### Exercise instructions
Write out every line exactly, from the start of the records below to the line with "import ezdxf", and stop there. Don't write out the pictures.

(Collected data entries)
# # # #

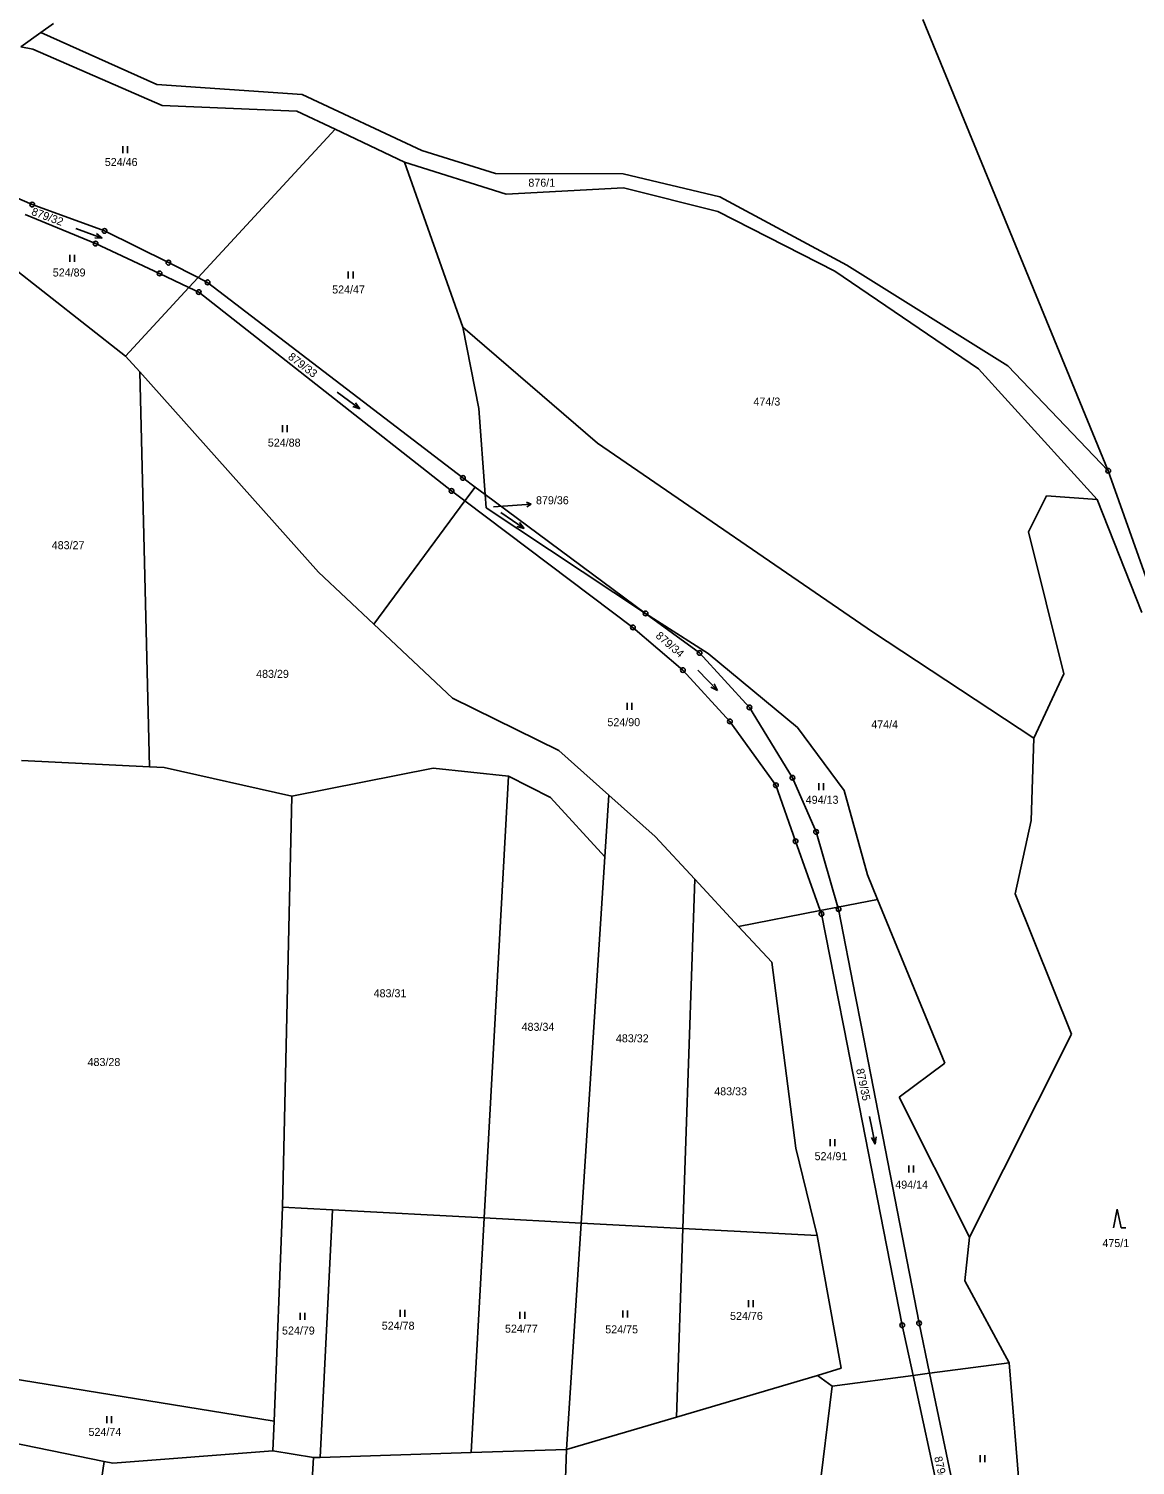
# Model space of a CAD drawing. Extents: x -791032 to -787751, y -1106872 to -1104403.
# Drawn here: x -788244.6 to -788009.7, y -1105392.2 to -1105087.2 of the extents above; entities that cross this region are included whole.
import ezdxf

# ---------------------------------------------------------------- set-up
doc = ezdxf.new("R2010")
doc.units = 0
for name, color, linetype in [('Komunikace', 7, 'Continuous'), ('Vrstva 1', 7, 'Continuous'), ('Vrstva 14', 7, 'Continuous'), ('Vrstva 16', 7, 'Continuous'), ('Vrstva 23', 7, 'Continuous'), ('Vrstva 28', 7, 'Continuous'), ('Vrstva 4', 7, 'Continuous')]:
    doc.layers.add(name, color=color, linetype=linetype)

msp = doc.modelspace()

# ---------------------------------------------------------------- linework, layer by layer
at = {"layer": 'Komunikace'}
msp.add_line((-788145.98, -1105188.69), (-788140.92, -1105188.35), dxfattribs=at)
at = {"layer": 'Vrstva 1'}
for p, q in [((-788246.28, -1105091.03), (-788242.04, -1105087.95)), ((-788242.04, -1105087.95), (-788239.38, -1105086.02)), ((-788242.04, -1105087.95), (-788217.42, -1105098.97)), ((-788246.28, -1105091.03), (-788243.75, -1105091.5)), ((-788243.75, -1105091.5), (-788216.34, -1105103.48)), ((-788217.42, -1105098.97), (-788186.56, -1105101.16)), ((-788186.56, -1105101.16), (-788161.2, -1105113.03)), ((-788216.34, -1105103.48), (-788187.72, -1105104.65)), ((-788187.72, -1105104.65), (-788179.59, -1105108.5)), ((-788179.59, -1105108.5), (-788208.69, -1105140)), ((-788179.59, -1105108.5), (-788164.83, -1105115.5)), ((-788243.9, -1105124.5), (-788266.65, -1105114.67)), ((-788161.2, -1105113.03), (-788145.52, -1105117.92)), ((-788164.83, -1105115.5), (-788143.23, -1105122.27)), ((-788152.45, -1105150.55), (-788164.83, -1105115.5)), ((-788145.52, -1105117.92), (-788118.39, -1105118.01)), ((-788118.39, -1105118.01), (-788097.9, -1105122.86)), ((-788143.23, -1105122.27), (-788118.34, -1105120.97)), ((-788118.34, -1105120.97), (-788098.35, -1105126.01)), ((-788228.53, -1105130.09), (-788243.9, -1105124.5)), ((-788097.9, -1105122.86), (-788070.94, -1105137.39)), ((-788230.44, -1105132.78), (-788245.37, -1105126.64)), ((-788098.35, -1105126.01), (-788073.48, -1105138.68)), ((-788214.97, -1105136.84), (-788228.53, -1105130.09)), ((-788216.85, -1105139.14), (-788230.44, -1105132.78)), ((-788208.69, -1105140), (-788214.97, -1105136.84)), ((-788224.09, -1105156.67), (-788248.95, -1105137.17)), ((-788210.62, -1105142.09), (-788216.85, -1105139.14)), ((-788073.48, -1105138.68), (-788043, -1105159.39)), ((-788070.94, -1105137.39), (-788036.72, -1105158.76)), ((-788210.62, -1105142.09), (-788224.09, -1105156.67)), ((-788208.69, -1105140), (-788210.62, -1105142.09)), ((-788208.54, -1105143.08), (-788210.62, -1105142.09)), ((-788206.66, -1105141.02), (-788208.69, -1105140)), ((-788152.44, -1105182.55), (-788206.66, -1105141.02)), ((-788154.86, -1105185.31), (-788208.54, -1105143.08)), ((-788152.45, -1105150.55), (-788123.85, -1105175.21)), ((-788149.05, -1105167.82), (-788152.45, -1105150.55)), ((-788221.07, -1105160.05), (-788224.09, -1105156.67)), ((-788218.99, -1105243.92), (-788221.07, -1105160.05)), ((-788183.13, -1105202.55), (-788221.07, -1105160.05)), ((-788043, -1105159.39), (-788017.77, -1105187.16)), ((-788036.72, -1105158.76), (-788015.44, -1105181.04)), ((-788147.72, -1105186.05), (-788149.05, -1105167.82)), ((-788123.85, -1105175.21), (-788065.5, -1105215.21)), ((-788149.82, -1105184.49), (-788152.44, -1105182.55)), ((-788152.01, -1105187.45), (-788154.86, -1105185.31)), ((-788152.01, -1105187.45), (-788149.82, -1105184.49)), ((-788147.72, -1105186.05), (-788149.82, -1105184.49)), ((-788171.39, -1105213.59), (-788152.01, -1105187.45)), ((-788116.35, -1105214.3), (-788152.01, -1105187.45)), ((-788147.72, -1105186.05), (-788147.51, -1105188.9)), ((-788113.66, -1105211.34), (-788147.72, -1105186.05)), ((-788032.33, -1105194.04), (-788028.51, -1105186.35)), ((-788028.51, -1105186.35), (-788017.77, -1105187.16)), ((-788017.77, -1105187.16), (-788008.3, -1105211.16)), ((-788113.66, -1105211.34), (-788147.51, -1105188.9)), ((-788024.87, -1105224.16), (-788032.33, -1105194.04)), ((-788171.39, -1105213.59), (-788183.13, -1105202.55)), ((-788102.19, -1105219.71), (-788113.66, -1105211.34)), ((-788113.66, -1105211.34), (-788100.36, -1105219.86)), ((-788154.64, -1105229.33), (-788171.39, -1105213.59)), ((-788105.74, -1105223.36), (-788116.35, -1105214.3)), ((-788065.5, -1105215.21), (-788031.2, -1105237.84)), ((-788091.6, -1105231.3), (-788102.19, -1105219.71)), ((-788100.36, -1105219.86), (-788081.41, -1105235.59)), ((-788095.75, -1105234.28), (-788105.74, -1105223.36)), ((-788031.2, -1105237.84), (-788024.87, -1105224.16)), ((-788132.05, -1105240.47), (-788154.64, -1105229.33)), ((-788082.49, -1105246.24), (-788091.6, -1105231.3)), ((-788085.99, -1105247.83), (-788095.75, -1105234.28)), ((-788081.41, -1105235.59), (-788071.52, -1105248.92)), ((-788121.45, -1105249.93), (-788132.05, -1105240.47)), ((-788031.79, -1105255.34), (-788031.2, -1105237.84)), ((-788246.2, -1105242.57), (-788218.99, -1105243.92)), ((-788218.99, -1105243.92), (-788215.85, -1105244.07)), ((-788215.85, -1105244.07), (-788188.79, -1105250.12)), ((-788188.79, -1105250.12), (-788158.73, -1105244.18)), ((-788158.73, -1105244.18), (-788142.79, -1105245.91)), ((-788142.79, -1105245.91), (-788147.94, -1105339.71)), ((-788142.79, -1105245.91), (-788133.87, -1105250.4)), ((-788077.46, -1105257.74), (-788082.49, -1105246.24)), ((-788081.82, -1105259.73), (-788085.99, -1105247.83)), ((-788071.52, -1105248.92), (-788066.55, -1105266.85)), ((-788190.76, -1105337.44), (-788188.79, -1105250.12)), ((-788122.3, -1105263.02), (-788133.87, -1105250.4)), ((-788121.45, -1105249.93), (-788122.3, -1105263.02)), ((-788111.64, -1105258.69), (-788121.45, -1105249.93)), ((-788035.17, -1105270.89), (-788031.79, -1105255.34)), ((-788103.23, -1105267.75), (-788111.64, -1105258.69)), ((-788072.81, -1105273.7), (-788077.46, -1105257.74)), ((-788076.57, -1105274.43), (-788081.82, -1105259.73)), ((-788122.3, -1105263.02), (-788127.35, -1105340.8)), ((-788105.76, -1105341.95), (-788103.23, -1105267.75)), ((-788093.91, -1105277.8), (-788103.23, -1105267.75)), ((-788066.55, -1105266.85), (-788064.41, -1105272.06)), ((-788023.26, -1105300.69), (-788035.17, -1105270.89)), ((-788076.57, -1105274.43), (-788072.81, -1105273.7)), ((-788072.81, -1105273.7), (-788064.41, -1105272.06)), ((-788072.69, -1105274.11), (-788072.81, -1105273.7)), ((-788072.69, -1105274.11), (-788069.08, -1105292.69)), ((-788064.41, -1105272.06), (-788050.12, -1105306.85)), ((-788093.91, -1105277.8), (-788076.57, -1105274.43)), ((-788076.32, -1105275.14), (-788076.57, -1105274.43)), ((-788076.32, -1105275.14), (-788072.8, -1105293.09)), ((-788086.83, -1105285.43), (-788093.91, -1105277.8)), ((-788081.77, -1105324.87), (-788086.83, -1105285.43)), ((-788072.8, -1105293.09), (-788071.6, -1105299.18)), ((-788069.08, -1105292.69), (-788067.89, -1105298.78)), ((-788059.17, -1105362.52), (-788071.6, -1105299.18)), ((-788055.59, -1105362.09), (-788067.89, -1105298.78)), ((-788044.87, -1105343.83), (-788023.26, -1105300.69)), ((-788050.12, -1105306.85), (-788059.84, -1105314.07)), ((-788059.84, -1105314.07), (-788044.87, -1105343.83)), ((-788077.22, -1105343.46), (-788081.77, -1105324.87)), ((-788192.53, -1105382.87), (-788190.76, -1105337.44)), ((-788190.76, -1105337.44), (-788180.12, -1105338)), ((-788182.79, -1105390.58), (-788180.12, -1105338)), ((-788180.12, -1105338), (-788147.94, -1105339.71)), ((-788150.68, -1105389.56), (-788147.94, -1105339.71)), ((-788147.94, -1105339.71), (-788127.35, -1105340.8)), ((-788127.35, -1105340.8), (-788130.47, -1105388.92)), ((-788127.35, -1105340.8), (-788105.76, -1105341.95)), ((-788107.12, -1105382.01), (-788105.76, -1105341.95)), ((-788105.76, -1105341.95), (-788077.22, -1105343.46)), ((-788072.14, -1105371.65), (-788077.22, -1105343.46)), ((-788045.89, -1105353.09), (-788044.87, -1105343.83)), ((-788036.5, -1105370.49), (-788045.89, -1105353.09)), ((-788056.87, -1105373.18), (-788059.17, -1105362.52)), ((-788053.36, -1105372.72), (-788055.59, -1105362.09)), ((-788077.19, -1105373.15), (-788072.14, -1105371.65)), ((-788036.5, -1105370.49), (-788053.36, -1105372.72)), ((-788033.62, -1105405.42), (-788036.5, -1105370.49)), ((-788254.48, -1105372.85), (-788192.53, -1105382.87)), ((-788107.12, -1105382.01), (-788077.19, -1105373.15)), ((-788077.19, -1105373.15), (-788074.06, -1105375.44)), ((-788056.87, -1105373.18), (-788074.06, -1105375.44)), ((-788053.36, -1105372.72), (-788056.87, -1105373.18)), ((-788045.37, -1105426.5), (-788056.87, -1105373.18)), ((-788042.15, -1105426.09), (-788053.36, -1105372.72)), ((-788074.06, -1105375.44), (-788081.29, -1105434.62)), ((-788192.53, -1105382.87), (-788192.78, -1105389.17)), ((-788130.47, -1105388.92), (-788107.12, -1105382.01)), ((-788252.08, -1105386.66), (-788228.63, -1105391.41)), ((-788226.77, -1105391.79), (-788192.78, -1105389.17)), ((-788192.78, -1105389.17), (-788184.19, -1105390.62)), ((-788182.79, -1105390.58), (-788150.68, -1105389.56)), ((-788150.68, -1105389.56), (-788130.47, -1105388.92)), ((-788130.47, -1105388.92), (-788132.01, -1105433.71)), ((-788228.63, -1105391.41), (-788231.17, -1105408.51)), ((-788228.63, -1105391.41), (-788226.77, -1105391.79)), ((-788184.19, -1105390.62), (-788185.84, -1105419.71)), ((-788184.19, -1105390.62), (-788182.79, -1105390.58))]:
    msp.add_line(p, q, dxfattribs=at)
at = {"layer": 'Vrstva 16'}
for p, q in [((-788140.92, -1105188.35), (-788137.926, -1105188.149)), ((-788137.926, -1105188.149), (-788138.957, -1105187.717)), ((-788137.926, -1105188.149), (-788138.891, -1105188.715))]:
    msp.add_line(p, q, dxfattribs=at)
at = {"layer": 'Vrstva 23'}
for p, q in [((-788224.65, -1105113.62), (-788224.65, -1105112.12)), ((-788223.65, -1105112.12), (-788223.65, -1105113.62)), ((-788234.65, -1105129.566), (-788229.009, -1105131.613)), ((-788229.009, -1105131.613), (-788230.249, -1105130.631)), ((-788229.009, -1105131.613), (-788230.59, -1105131.571)), ((-788235.89, -1105136.69), (-788235.89, -1105135.19)), ((-788234.89, -1105135.19), (-788234.89, -1105136.69)), ((-788176.78, -1105140.22), (-788176.78, -1105138.72)), ((-788175.78, -1105138.72), (-788175.78, -1105140.22)), ((-788179.164, -1105164.353), (-788174.315, -1105167.886)), ((-788174.315, -1105167.886), (-788175.233, -1105166.599)), ((-788174.315, -1105167.886), (-788175.822, -1105167.407)), ((-788190.79, -1105172.83), (-788190.79, -1105171.33)), ((-788189.79, -1105171.33), (-788189.79, -1105172.83)), ((-788144.391, -1105189.909), (-788139.448, -1105193.31)), ((-788139.448, -1105193.31), (-788140.967, -1105192.872)), ((-788139.448, -1105193.31), (-788140.4, -1105192.048)), ((-788102.582, -1105223.419), (-788098.397, -1105227.72)), ((-788098.397, -1105227.72), (-788099.802, -1105226.993)), ((-788098.397, -1105227.72), (-788099.085, -1105226.296)), ((-788117.6, -1105231.79), (-788117.6, -1105230.29)), ((-788116.6, -1105230.29), (-788116.6, -1105231.79)), ((-788076.88, -1105248.86), (-788076.88, -1105247.36)), ((-788075.88, -1105247.36), (-788075.88, -1105248.86)), ((-788066.119, -1105318.162), (-788064.901, -1105324.037)), ((-788064.901, -1105324.037), (-788065.695, -1105322.67)), ((-788064.901, -1105324.037), (-788064.715, -1105322.467)), ((-788074.47, -1105324.46), (-788074.47, -1105322.96)), ((-788073.47, -1105322.96), (-788073.47, -1105324.46)), ((-788057.77, -1105330.08), (-788057.77, -1105328.58)), ((-788056.77, -1105328.58), (-788056.77, -1105330.08)), ((-788014.3, -1105341.82), (-788013.5, -1105337.82)), ((-788013.5, -1105337.82), (-788012.7, -1105341.82)), ((-788012.7, -1105341.82), (-788011.7, -1105341.82)), ((-788165.79, -1105360.75), (-788165.79, -1105359.25)), ((-788164.79, -1105359.25), (-788164.79, -1105360.75)), ((-788118.48, -1105360.86), (-788118.48, -1105359.36)), ((-788117.48, -1105359.36), (-788117.48, -1105360.86)), ((-788091.83, -1105358.68), (-788091.83, -1105357.18)), ((-788090.83, -1105357.18), (-788090.83, -1105358.68)), ((-788187, -1105361.34), (-788187, -1105359.84)), ((-788186, -1105359.84), (-788186, -1105361.34)), ((-788140.33, -1105361.13), (-788140.33, -1105359.63)), ((-788139.33, -1105359.63), (-788139.33, -1105361.13)), ((-788228.07, -1105383.31), (-788228.07, -1105381.81)), ((-788227.07, -1105381.81), (-788227.07, -1105383.31)), ((-788042.64, -1105391.62), (-788042.64, -1105390.12)), ((-788041.64, -1105390.12), (-788041.64, -1105391.62))]:
    msp.add_line(p, q, dxfattribs=at)
at = {"layer": 'Vrstva 28'}
for centre, radius in [((-788243.9, -1105124.5), 0.5), ((-788243.9, -1105124.5), 0.01), ((-788228.53, -1105130.09), 0.5), ((-788228.53, -1105130.09), 0.01), ((-788230.44, -1105132.78), 0.5), ((-788230.44, -1105132.78), 0.01), ((-788214.97, -1105136.84), 0.5), ((-788214.97, -1105136.84), 0.01), ((-788216.85, -1105139.14), 0.5), ((-788216.85, -1105139.14), 0.01), ((-788208.54, -1105143.08), 0.5), ((-788206.66, -1105141.02), 0.5), ((-788206.66, -1105141.02), 0.01), ((-788208.54, -1105143.08), 0.01), ((-788152.44, -1105182.55), 0.5), ((-788152.44, -1105182.55), 0.01), ((-788015.44, -1105181.04), 0.5), ((-788015.44, -1105181.04), 0.01), ((-788154.86, -1105185.31), 0.5), ((-788154.86, -1105185.31), 0.01), ((-788113.66, -1105211.34), 0.5), ((-788113.66, -1105211.34), 0.01), ((-788116.35, -1105214.3), 0.5), ((-788116.35, -1105214.3), 0.01), ((-788102.19, -1105219.71), 0.5), ((-788102.19, -1105219.71), 0.01), ((-788105.74, -1105223.36), 0.5), ((-788105.74, -1105223.36), 0.01), ((-788091.6, -1105231.3), 0.5), ((-788091.6, -1105231.3), 0.01), ((-788095.75, -1105234.28), 0.5), ((-788095.75, -1105234.28), 0.01), ((-788082.49, -1105246.24), 0.5), ((-788082.49, -1105246.24), 0.01), ((-788085.99, -1105247.83), 0.5), ((-788085.99, -1105247.83), 0.01), ((-788077.46, -1105257.74), 0.5), ((-788077.46, -1105257.74), 0.01), ((-788081.82, -1105259.73), 0.5), ((-788081.82, -1105259.73), 0.01), ((-788072.69, -1105274.11), 0.5), ((-788072.69, -1105274.11), 0.01), ((-788076.32, -1105275.14), 0.5), ((-788076.32, -1105275.14), 0.01), ((-788059.17, -1105362.52), 0.5), ((-788059.17, -1105362.52), 0.01), ((-788055.59, -1105362.09), 0.5), ((-788055.59, -1105362.09), 0.01)]:
    msp.add_circle(centre, radius, dxfattribs=at)
at = {"layer": 'Vrstva 4'}
for p, q in [((-788054.8, -1105085.2), (-788015.44, -1105181.04)), ((-788015.44, -1105181.04), (-788005.64, -1105208.73))]:
    msp.add_line(p, q, dxfattribs=at)

# ---------------------------------------------------------------- texts
at = {"layer": 'Vrstva 14'}
for s, height, p in [('524/46', 1.7, (-788228.488, -1105116.32)), ('876/1', 1.7, (-788138.55, -1105120.71)), ('524/89', 1.7, (-788239.532, -1105139.78)), ('524/47', 1.7, (-788180.214, -1105143.39)), ('474/3', 1.7, (-788090.758, -1105167.19)), ('524/88', 1.7, (-788193.871, -1105175.91)), ('879/36', 0.1, (-788146.233, -1105188.69)), ('483/27', 1.7, (-788239.752, -1105197.69)), ('483/29', 1.7, (-788196.355, -1105225.02)), ('524/90', 1.7, (-788121.771, -1105235.28)), ('474/4', 1.7, (-788065.744, -1105235.74)), ('494/13', 1.7, (-788079.665, -1105251.76)), ('483/31', 1.7, (-788171.409, -1105292.85)), ('483/34', 1.7, (-788139.991, -1105299.98)), ('483/32', 1.7, (-788119.965, -1105302.42)), ('483/28', 1.7, (-788232.145, -1105307.46)), ('483/33', 1.7, (-788099.086, -1105313.68)), ('524/91', 1.7, (-788077.775, -1105327.45)), ('494/14', 1.7, (-788060.651, -1105333.49)), ('475/1', 1.7, (-788016.662, -1105345.91)), ('524/78', 1.7, (-788169.678, -1105363.45)), ('524/77', 1.7, (-788143.515, -1105364.08)), ('524/75', 1.7, (-788122.225, -1105364.23)), ('524/76', 1.7, (-788095.728, -1105361.38)), ('524/79', 1.7, (-788190.858, -1105364.48)), ('524/74', 1.7, (-788231.944, -1105386.01))]:
    msp.add_text(s, height=height, dxfattribs=at).set_placement(p)
for s, rotation, p in [('879/32', 339.74703, (-788244.211, -1105126.646)), ('879/33', 322.67124, (-788189.734, -1105157.148)), ('879/34', 319.20264, (-788111.672, -1105216.301)), ('879/35', 281.93166, (-788068.983, -1105308.16)), ('879/26', 282.80088, (-788052.409, -1105390.549))]:
    msp.add_text(s, height=1.7, rotation=rotation, dxfattribs=at).set_placement(p)
at = {"layer": 'Vrstva 16'}
msp.add_text('879/36', height=1.7, dxfattribs=at).set_placement((-788136.93, -1105188.15))

doc.saveas('drawing.dxf')

# # # #

### Task result
# Model space of a CAD drawing. Extents: x -791032 to -787751, y -1106872 to -1104403.
# Drawn here: x -788244.6 to -788009.7, y -1105392.2 to -1105087.2 of the extents above; entities that cross this region are included whole.
import ezdxf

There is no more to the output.